Some types of trees I know to be much younger, particularly the ones I planted myself, or were planted by someone I know within the last fifty years. That includes the Peppermint Gums (eucalyptus Nicholi) in our lawn that were planted by my brother’s Irish girlfriend in 1985.

Then, right beside that one is a remnant Blakely’s Red Gum (eucalyptus blakelyi) which still looks very much like it did in 1980, although in the last few wet years it began to tilt to one side dangerously. Mum hated it, calling it “the birch broom in a fit”, but we managed to persuade her not to chop it down. It’s gone through healthier and sicklier stages over the decades. I suspect it’s on the old end of the spectrum.

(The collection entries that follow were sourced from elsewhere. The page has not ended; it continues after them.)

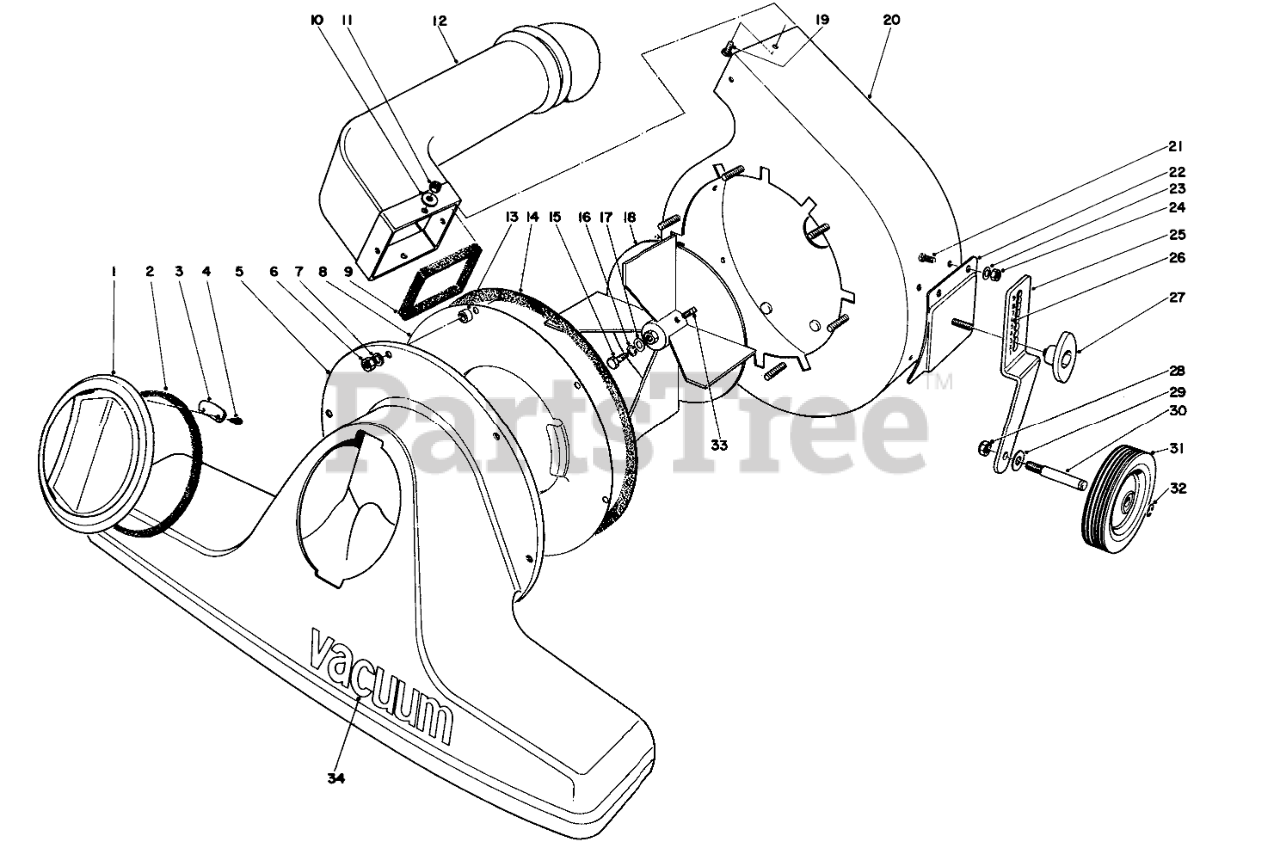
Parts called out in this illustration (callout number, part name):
1	Adaptor Cover
2	Cover Gasket
3	Cover Retainer
4	Screw
5	Air Intake Housing
6	Nut
7	WASHER-PLAIN
8	Hose Adaptor Plate
9	Gasket
10	WASHER-FLAT
11	NUT-HEX
12	Adaptor
13	Spacer
14	Intake Gasket
16	WASHER-LOCK
17	WASHER-FLAT
19	10-24 X 5/8 PAN HD MS
20	Blower Housing
21	SCREW
22	Wheel Mount L.H.
23	WASHER-FLAT
24	NUT-LOCK
25	FrontWheel Bracket L.H.
26	Height Adj . Decal
27	Wheel Adjustment Knob
28	NUT-HEX
29	WASHER-FLAT
30	Axle, Front
31	Wheel & Tire (Front)
32	Retaining Ring
33	SCREW-SQH
34	Vacuum Decal

There’s another tree in the garden that looks old, and has rings driven into it for tying up your horses when you come to visit, which are well embedded in the surface, suggesting age.

But it’s actually not a local Blakelyi or part of our local endangered Grassy Woodland species. It’s been identified as a Forest Red Gum (eucalyptus tereticornus), which is taller and not recorded in our area. It has put on some more height since Mum and Dad bought Esdale in 1979, which suggests it could possibly be younger than it looks, but anyway probably at least a hundred years old.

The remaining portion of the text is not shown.